Spot Quadruped Robot
This example demonstrates quadruped robot control inspired by Boston Dynamics Spot with MATLAB/Simulink.
Overview
| Property |
Value |
| Type |
Quadruped Robot |
| Difficulty |
Advanced |
| Control Method |
Gait Control / MPC |
| DOF |
12 (3 per leg) |
Features
- Dynamic Walking: Trot, walk, bound gaits
- Terrain Adaptation: Uneven ground navigation
- Balance Control: Real-time stability
- 12-DOF Control: Hip, knee, ankle per leg
Specifications
| Property |
Value |
| Body Length |
1.1 m |
| Body Width |
0.5 m |
| Standing Height |
0.6 m |
| Mass |
32 kg |
| DOF |
12 (3 per leg) |
Control Architecture
Hierarchical Locomotion Control
flowchart TB
subgraph HighLevel["High-Level Planner"]
CMD[/"Velocity Command<br/>(vx, vy, omega)"/]

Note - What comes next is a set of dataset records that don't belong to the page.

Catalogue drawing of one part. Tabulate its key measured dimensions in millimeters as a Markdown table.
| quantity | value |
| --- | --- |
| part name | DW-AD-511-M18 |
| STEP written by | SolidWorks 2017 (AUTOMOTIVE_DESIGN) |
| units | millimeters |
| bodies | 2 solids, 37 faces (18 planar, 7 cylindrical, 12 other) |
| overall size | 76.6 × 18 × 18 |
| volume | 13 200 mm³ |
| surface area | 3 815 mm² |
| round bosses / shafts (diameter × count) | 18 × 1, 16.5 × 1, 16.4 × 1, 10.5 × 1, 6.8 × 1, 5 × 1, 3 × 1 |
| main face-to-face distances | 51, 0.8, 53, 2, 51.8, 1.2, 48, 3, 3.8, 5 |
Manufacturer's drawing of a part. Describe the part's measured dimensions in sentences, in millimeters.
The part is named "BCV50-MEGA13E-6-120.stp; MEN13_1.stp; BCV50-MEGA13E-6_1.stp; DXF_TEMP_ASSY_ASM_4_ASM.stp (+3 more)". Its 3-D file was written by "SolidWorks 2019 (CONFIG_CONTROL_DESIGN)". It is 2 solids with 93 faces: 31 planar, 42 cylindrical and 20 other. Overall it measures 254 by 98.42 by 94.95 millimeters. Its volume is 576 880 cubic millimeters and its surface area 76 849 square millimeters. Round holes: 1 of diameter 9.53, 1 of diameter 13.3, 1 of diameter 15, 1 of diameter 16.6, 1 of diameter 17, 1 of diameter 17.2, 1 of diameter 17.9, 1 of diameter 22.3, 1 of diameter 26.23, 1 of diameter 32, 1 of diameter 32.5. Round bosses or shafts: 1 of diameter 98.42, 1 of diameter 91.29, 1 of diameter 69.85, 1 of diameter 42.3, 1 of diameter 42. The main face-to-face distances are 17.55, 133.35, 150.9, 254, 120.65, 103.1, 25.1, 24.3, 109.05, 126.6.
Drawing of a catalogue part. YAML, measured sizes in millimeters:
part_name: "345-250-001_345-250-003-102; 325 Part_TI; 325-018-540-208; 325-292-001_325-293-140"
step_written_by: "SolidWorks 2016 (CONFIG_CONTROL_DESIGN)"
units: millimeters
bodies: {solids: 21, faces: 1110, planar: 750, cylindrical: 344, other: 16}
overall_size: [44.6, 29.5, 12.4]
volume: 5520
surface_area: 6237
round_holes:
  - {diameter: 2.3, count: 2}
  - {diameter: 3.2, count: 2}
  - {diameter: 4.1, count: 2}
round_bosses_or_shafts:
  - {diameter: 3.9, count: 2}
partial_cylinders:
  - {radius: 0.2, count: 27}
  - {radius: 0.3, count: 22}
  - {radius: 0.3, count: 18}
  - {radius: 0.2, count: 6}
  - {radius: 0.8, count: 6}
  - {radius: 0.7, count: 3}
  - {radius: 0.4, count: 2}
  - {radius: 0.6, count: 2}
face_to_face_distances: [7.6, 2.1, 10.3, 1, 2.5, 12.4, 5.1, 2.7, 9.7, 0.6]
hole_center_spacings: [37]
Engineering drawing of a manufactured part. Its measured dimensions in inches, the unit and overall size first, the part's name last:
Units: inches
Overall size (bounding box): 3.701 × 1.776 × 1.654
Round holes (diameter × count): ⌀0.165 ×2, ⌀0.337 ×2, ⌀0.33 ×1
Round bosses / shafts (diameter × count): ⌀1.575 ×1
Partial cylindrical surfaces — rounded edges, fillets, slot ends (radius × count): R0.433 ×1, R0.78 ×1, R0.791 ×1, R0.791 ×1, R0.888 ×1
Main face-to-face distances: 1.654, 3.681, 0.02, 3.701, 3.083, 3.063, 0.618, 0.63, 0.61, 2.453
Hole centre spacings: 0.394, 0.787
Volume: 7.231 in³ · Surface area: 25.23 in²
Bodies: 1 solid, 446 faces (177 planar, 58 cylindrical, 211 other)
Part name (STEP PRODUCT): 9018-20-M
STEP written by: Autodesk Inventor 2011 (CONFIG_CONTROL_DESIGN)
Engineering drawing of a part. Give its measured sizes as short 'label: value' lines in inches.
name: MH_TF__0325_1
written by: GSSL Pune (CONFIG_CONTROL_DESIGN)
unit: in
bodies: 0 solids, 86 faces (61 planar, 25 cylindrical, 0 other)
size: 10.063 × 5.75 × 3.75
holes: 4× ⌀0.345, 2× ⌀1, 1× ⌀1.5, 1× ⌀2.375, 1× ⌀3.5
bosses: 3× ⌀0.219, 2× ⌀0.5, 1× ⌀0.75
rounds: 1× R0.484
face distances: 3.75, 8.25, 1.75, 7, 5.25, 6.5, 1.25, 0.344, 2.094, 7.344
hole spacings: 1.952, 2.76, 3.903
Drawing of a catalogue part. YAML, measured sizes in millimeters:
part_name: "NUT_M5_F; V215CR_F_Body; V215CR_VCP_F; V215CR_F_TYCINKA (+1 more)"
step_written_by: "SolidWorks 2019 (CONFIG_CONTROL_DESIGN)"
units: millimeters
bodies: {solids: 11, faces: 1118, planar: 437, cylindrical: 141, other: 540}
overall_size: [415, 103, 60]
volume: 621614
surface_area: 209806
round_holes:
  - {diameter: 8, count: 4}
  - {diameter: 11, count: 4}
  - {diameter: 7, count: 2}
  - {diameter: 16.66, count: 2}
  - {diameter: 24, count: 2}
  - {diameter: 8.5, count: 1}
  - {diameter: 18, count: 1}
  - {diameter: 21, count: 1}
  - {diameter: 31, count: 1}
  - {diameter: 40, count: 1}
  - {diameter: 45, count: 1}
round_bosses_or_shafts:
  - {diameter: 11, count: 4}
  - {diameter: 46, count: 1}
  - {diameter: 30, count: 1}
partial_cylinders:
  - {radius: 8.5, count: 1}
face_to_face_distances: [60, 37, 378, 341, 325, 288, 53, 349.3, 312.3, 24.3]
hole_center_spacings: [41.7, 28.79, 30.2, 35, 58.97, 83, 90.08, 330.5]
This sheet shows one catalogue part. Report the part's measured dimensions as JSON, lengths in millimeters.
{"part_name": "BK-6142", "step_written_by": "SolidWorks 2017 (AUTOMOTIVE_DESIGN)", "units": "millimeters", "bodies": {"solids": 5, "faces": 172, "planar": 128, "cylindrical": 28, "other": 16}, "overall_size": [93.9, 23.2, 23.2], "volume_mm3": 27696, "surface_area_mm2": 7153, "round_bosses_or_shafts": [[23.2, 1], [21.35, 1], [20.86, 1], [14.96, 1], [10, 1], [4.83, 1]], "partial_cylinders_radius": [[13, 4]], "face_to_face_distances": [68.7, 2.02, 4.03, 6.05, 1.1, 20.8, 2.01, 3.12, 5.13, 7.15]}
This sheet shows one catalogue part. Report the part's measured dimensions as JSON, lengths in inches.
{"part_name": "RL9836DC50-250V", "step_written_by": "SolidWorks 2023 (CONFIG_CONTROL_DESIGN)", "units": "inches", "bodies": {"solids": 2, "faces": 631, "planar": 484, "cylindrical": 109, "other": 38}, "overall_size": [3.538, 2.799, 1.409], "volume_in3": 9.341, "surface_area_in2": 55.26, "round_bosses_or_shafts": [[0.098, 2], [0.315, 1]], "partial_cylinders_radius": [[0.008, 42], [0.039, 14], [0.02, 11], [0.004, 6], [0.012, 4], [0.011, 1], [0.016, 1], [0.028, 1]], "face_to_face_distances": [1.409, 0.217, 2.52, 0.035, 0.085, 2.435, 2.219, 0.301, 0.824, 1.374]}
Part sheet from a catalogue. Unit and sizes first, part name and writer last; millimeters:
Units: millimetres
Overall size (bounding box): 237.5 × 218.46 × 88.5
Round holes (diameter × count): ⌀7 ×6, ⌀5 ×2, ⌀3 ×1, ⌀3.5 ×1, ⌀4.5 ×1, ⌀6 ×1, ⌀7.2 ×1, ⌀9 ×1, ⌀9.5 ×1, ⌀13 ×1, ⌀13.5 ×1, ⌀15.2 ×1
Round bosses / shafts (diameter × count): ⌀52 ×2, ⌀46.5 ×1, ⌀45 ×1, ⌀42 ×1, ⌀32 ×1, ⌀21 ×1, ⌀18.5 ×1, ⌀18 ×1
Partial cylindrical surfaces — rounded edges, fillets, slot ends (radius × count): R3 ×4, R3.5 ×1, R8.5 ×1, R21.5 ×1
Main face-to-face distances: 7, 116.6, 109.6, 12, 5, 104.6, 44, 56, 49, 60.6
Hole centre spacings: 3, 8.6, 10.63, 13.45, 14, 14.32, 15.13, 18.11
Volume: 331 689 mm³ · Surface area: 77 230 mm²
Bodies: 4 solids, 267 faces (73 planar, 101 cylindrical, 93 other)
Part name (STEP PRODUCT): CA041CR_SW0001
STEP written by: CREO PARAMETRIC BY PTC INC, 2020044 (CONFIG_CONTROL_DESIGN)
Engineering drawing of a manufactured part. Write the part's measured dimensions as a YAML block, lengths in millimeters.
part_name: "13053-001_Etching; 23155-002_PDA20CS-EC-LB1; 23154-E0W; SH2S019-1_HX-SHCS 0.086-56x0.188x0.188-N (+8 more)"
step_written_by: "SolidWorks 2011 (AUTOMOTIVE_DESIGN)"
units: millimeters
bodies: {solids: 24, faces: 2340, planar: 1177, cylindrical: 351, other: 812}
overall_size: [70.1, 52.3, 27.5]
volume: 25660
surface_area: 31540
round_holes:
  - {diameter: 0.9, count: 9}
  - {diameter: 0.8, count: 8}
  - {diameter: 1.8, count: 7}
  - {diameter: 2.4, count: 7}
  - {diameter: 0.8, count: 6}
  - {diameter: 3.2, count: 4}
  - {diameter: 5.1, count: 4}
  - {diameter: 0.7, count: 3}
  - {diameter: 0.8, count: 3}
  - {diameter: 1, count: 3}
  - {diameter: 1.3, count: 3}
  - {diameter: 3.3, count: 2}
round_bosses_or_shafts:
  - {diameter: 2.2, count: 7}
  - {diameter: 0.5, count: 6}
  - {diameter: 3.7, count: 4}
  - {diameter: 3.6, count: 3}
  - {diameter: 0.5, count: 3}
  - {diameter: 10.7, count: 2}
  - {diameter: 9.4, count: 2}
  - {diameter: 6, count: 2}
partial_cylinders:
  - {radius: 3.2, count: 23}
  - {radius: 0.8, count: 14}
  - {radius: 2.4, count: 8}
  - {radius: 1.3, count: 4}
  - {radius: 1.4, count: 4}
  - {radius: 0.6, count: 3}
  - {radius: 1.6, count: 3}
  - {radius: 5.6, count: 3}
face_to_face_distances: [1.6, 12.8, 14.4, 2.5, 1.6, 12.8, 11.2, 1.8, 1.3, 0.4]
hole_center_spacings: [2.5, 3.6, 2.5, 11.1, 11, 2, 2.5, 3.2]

GAIT["Gait<br/>Scheduler"]
FOOT["Footstep<br/>Planner"]
end
subgraph MidLevel["Mid-Level Control"]
MPC["Model Predictive<br/>Control"]
SWING["Swing Leg<br/>Controller"]
STANCE["Stance Leg<br/>Controller"]
end
subgraph LowLevel["Low-Level Control"]
IK["Inverse<br/>Kinematics"]
JC["Joint PD<br/>Controllers"]
end
subgraph Legs["Leg Subsystems"]
FL["Front Left<br/>Hip-Knee-Ankle"]
FR["Front Right<br/>Hip-Knee-Ankle"]
RL["Rear Left<br/>Hip-Knee-Ankle"]
RR["Rear Right<br/>Hip-Knee-Ankle"]
end
subgraph Sensors["Sensor Suite"]
IMU["IMU<br/>Body Pose"]
ENC["Joint<br/>Encoders"]
FORCE["Force<br/>Sensors"]
end
CMD --> GAIT
GAIT --> FOOT
FOOT --> MPC
MPC --> SWING & STANCE
SWING --> IK
STANCE --> IK
IK --> JC
JC --> FL & FR & RL & RR
FL & FR & RL & RR --> ENC & FORCE
IMU --> MPC
ENC --> JC
FORCE --> STANCE
style HighLevel fill:#e1f5fe
style MidLevel fill:#e8f5e9
style LowLevel fill:#fff3e0
style Legs fill:#fce4ec
style Sensors fill:#c8e6c9
Leg Kinematic Structure
flowchart LR
subgraph LegKinematics["Single Leg - 3 DOF"]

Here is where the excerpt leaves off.